— About this task —
Whenever a line in the data holds the string "pattern", copy that line.

Saved data entries
########################################

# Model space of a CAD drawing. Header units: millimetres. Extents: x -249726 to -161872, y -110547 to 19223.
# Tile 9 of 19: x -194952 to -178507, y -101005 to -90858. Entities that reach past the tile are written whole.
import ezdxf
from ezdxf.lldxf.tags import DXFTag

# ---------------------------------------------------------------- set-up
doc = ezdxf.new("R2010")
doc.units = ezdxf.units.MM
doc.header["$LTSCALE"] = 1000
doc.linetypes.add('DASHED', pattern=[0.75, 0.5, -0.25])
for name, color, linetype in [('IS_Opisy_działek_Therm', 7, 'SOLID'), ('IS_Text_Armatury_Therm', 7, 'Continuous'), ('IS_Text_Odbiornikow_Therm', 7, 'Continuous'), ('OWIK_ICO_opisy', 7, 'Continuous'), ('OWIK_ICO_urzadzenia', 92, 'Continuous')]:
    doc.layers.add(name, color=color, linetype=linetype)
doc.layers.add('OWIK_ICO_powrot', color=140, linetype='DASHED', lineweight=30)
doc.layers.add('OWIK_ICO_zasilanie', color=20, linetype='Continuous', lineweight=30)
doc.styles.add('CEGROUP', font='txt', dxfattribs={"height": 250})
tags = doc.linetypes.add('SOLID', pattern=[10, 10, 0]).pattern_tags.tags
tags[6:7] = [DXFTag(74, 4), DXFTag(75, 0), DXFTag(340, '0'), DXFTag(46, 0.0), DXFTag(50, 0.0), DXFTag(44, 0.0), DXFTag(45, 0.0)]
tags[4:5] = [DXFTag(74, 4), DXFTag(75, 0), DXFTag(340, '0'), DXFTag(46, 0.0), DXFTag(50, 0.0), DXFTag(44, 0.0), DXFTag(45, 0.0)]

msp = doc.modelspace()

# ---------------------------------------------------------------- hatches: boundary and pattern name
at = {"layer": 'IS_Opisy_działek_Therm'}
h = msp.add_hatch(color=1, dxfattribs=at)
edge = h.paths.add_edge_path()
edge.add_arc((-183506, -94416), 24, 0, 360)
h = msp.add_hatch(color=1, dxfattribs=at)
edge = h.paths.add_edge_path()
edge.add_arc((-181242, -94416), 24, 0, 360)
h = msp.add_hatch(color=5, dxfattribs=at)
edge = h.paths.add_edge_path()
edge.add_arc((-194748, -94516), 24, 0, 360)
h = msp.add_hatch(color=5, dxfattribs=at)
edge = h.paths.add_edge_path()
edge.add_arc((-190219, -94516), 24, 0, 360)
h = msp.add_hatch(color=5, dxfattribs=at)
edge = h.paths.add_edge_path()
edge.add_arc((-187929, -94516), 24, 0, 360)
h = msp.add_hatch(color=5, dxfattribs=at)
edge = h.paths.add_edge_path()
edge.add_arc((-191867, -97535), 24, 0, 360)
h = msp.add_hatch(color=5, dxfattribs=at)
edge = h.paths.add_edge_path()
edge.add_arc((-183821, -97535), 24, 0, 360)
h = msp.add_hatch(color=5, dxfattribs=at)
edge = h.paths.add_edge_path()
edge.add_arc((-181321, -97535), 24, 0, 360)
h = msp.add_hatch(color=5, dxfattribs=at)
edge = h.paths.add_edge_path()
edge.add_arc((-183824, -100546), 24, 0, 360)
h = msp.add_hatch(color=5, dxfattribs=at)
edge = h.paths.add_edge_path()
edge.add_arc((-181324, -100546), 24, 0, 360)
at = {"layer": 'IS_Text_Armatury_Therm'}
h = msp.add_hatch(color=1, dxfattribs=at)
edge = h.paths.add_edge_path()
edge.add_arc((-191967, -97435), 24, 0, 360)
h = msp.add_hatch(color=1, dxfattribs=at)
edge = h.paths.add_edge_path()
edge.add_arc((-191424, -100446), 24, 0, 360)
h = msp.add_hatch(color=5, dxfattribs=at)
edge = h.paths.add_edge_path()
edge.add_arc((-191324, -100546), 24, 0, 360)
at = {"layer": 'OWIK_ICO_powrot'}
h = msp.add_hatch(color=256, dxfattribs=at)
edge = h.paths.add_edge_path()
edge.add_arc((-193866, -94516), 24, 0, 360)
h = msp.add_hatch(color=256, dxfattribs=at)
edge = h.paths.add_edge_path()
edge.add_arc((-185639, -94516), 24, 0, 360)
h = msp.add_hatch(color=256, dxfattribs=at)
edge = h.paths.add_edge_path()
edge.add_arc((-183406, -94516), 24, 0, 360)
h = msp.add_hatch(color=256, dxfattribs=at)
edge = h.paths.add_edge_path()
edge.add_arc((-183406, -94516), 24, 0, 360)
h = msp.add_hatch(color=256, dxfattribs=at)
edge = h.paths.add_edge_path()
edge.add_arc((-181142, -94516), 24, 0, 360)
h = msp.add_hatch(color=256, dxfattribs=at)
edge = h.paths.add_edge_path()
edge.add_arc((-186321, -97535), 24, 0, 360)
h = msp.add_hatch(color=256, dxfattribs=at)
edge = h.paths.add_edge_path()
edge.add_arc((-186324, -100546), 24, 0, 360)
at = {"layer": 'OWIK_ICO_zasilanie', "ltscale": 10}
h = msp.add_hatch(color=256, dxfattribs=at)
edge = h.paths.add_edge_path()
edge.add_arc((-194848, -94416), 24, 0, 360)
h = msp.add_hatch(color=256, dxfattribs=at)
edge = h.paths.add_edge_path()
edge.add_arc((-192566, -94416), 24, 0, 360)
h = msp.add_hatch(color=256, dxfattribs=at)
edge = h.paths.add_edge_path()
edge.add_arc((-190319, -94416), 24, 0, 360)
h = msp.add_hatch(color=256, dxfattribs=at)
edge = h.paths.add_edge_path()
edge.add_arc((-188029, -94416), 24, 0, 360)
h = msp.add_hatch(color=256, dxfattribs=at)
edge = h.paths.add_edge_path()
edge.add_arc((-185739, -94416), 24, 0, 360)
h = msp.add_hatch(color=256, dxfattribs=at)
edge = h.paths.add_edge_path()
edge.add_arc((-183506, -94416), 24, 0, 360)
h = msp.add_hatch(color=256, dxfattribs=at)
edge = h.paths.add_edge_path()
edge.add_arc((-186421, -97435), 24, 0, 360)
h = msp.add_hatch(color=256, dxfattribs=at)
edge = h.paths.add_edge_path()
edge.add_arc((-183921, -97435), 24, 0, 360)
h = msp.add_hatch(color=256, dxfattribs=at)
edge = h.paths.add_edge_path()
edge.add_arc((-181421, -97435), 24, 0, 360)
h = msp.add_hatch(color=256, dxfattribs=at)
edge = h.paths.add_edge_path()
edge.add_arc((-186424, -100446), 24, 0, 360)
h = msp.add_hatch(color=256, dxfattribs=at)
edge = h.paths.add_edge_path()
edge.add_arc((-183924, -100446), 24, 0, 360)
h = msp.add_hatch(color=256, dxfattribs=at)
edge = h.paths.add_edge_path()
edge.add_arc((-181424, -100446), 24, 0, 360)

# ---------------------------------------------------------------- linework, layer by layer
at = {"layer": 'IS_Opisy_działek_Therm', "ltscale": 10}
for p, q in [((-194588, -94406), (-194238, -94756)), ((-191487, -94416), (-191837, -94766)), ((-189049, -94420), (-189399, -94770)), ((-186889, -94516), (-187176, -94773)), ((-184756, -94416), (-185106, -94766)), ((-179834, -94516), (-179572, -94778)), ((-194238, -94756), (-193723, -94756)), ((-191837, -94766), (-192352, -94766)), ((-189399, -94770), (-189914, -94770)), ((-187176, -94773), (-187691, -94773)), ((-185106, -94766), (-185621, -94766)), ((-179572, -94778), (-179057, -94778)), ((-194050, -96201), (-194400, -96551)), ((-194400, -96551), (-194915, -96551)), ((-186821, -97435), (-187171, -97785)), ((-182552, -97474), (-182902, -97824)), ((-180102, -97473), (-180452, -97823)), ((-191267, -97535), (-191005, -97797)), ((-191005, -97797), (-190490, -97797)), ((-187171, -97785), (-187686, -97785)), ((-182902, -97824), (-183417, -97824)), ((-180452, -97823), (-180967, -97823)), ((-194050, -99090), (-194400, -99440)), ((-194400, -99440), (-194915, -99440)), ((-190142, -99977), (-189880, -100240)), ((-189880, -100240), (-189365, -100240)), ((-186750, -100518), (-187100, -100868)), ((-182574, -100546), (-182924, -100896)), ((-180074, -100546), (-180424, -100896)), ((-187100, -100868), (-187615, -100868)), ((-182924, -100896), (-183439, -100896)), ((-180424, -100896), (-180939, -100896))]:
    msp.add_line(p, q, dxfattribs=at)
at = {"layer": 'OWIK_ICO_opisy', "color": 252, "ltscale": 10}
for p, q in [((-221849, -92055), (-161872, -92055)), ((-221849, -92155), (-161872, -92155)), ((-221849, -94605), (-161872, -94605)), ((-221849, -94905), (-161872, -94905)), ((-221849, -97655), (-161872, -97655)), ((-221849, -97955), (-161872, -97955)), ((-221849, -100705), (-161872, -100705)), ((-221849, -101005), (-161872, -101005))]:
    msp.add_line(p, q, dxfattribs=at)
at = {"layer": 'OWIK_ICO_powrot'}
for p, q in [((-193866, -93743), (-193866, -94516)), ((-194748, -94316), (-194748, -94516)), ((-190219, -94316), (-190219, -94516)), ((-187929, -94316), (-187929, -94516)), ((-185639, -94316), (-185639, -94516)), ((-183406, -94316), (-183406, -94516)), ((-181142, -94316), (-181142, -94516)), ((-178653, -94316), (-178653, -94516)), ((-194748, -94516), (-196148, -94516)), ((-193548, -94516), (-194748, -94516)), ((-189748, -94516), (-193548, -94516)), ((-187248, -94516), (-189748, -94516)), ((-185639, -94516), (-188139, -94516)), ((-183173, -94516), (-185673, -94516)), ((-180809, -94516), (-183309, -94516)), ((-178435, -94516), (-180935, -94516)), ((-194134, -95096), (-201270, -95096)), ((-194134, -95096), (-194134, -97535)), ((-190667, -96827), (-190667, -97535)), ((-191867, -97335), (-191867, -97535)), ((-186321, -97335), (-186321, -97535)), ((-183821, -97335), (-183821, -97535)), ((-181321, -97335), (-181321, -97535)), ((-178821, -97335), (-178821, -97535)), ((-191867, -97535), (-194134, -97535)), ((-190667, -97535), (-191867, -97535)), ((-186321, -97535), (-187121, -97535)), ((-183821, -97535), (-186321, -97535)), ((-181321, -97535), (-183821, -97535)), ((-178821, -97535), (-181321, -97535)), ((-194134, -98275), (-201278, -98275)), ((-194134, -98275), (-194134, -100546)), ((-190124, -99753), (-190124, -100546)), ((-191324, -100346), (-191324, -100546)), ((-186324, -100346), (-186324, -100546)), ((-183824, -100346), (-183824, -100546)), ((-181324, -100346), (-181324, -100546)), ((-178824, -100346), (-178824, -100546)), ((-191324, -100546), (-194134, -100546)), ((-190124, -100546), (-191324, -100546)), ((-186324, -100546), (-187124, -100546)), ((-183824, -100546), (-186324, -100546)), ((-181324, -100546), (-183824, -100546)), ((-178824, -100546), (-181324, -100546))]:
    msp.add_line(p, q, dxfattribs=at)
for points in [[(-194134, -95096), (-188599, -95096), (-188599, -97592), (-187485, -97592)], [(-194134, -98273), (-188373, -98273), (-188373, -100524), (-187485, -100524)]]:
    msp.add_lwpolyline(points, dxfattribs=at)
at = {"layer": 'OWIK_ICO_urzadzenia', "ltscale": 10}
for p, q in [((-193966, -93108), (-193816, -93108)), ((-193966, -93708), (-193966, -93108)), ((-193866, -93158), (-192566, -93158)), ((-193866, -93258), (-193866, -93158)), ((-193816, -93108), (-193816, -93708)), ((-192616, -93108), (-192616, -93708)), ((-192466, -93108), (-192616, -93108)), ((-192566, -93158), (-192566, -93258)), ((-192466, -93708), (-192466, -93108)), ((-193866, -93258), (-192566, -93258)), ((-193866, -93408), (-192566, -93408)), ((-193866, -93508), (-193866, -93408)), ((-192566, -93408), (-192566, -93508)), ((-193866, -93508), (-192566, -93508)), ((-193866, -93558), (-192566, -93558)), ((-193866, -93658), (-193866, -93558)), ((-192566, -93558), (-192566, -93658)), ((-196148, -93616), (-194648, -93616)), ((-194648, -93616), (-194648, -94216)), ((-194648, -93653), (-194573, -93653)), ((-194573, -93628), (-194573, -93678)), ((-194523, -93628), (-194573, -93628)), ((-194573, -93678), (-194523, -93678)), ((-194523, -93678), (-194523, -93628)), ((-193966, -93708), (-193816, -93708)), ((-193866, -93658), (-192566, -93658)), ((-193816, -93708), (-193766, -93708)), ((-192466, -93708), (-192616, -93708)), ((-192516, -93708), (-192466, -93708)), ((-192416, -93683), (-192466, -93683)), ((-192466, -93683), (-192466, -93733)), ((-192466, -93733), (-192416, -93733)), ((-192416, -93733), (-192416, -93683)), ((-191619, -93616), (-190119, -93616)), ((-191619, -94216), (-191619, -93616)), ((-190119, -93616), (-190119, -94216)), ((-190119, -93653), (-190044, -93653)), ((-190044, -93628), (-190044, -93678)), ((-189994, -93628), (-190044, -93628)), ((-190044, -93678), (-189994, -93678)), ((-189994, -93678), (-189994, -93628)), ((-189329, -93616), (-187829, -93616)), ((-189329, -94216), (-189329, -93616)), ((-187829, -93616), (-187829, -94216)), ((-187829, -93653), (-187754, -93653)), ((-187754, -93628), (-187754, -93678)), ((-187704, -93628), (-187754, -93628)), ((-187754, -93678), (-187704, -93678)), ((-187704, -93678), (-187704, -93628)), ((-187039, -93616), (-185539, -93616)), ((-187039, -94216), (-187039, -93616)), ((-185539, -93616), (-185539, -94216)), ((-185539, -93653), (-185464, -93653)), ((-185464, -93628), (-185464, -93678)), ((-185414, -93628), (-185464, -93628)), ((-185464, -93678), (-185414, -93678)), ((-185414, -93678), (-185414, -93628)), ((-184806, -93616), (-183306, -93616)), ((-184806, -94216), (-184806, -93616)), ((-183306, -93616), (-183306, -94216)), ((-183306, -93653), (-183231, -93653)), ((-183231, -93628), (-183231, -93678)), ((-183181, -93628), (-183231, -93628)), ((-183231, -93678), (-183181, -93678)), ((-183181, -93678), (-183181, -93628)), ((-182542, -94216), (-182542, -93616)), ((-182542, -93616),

########################################

— Reply —
doc.linetypes.add('DASHED', pattern=[0.75, 0.5, -0.25])
tags = doc.linetypes.add('SOLID', pattern=[10, 10, 0]).pattern_tags.tags
# ---------------------------------------------------------------- hatches: boundary and pattern name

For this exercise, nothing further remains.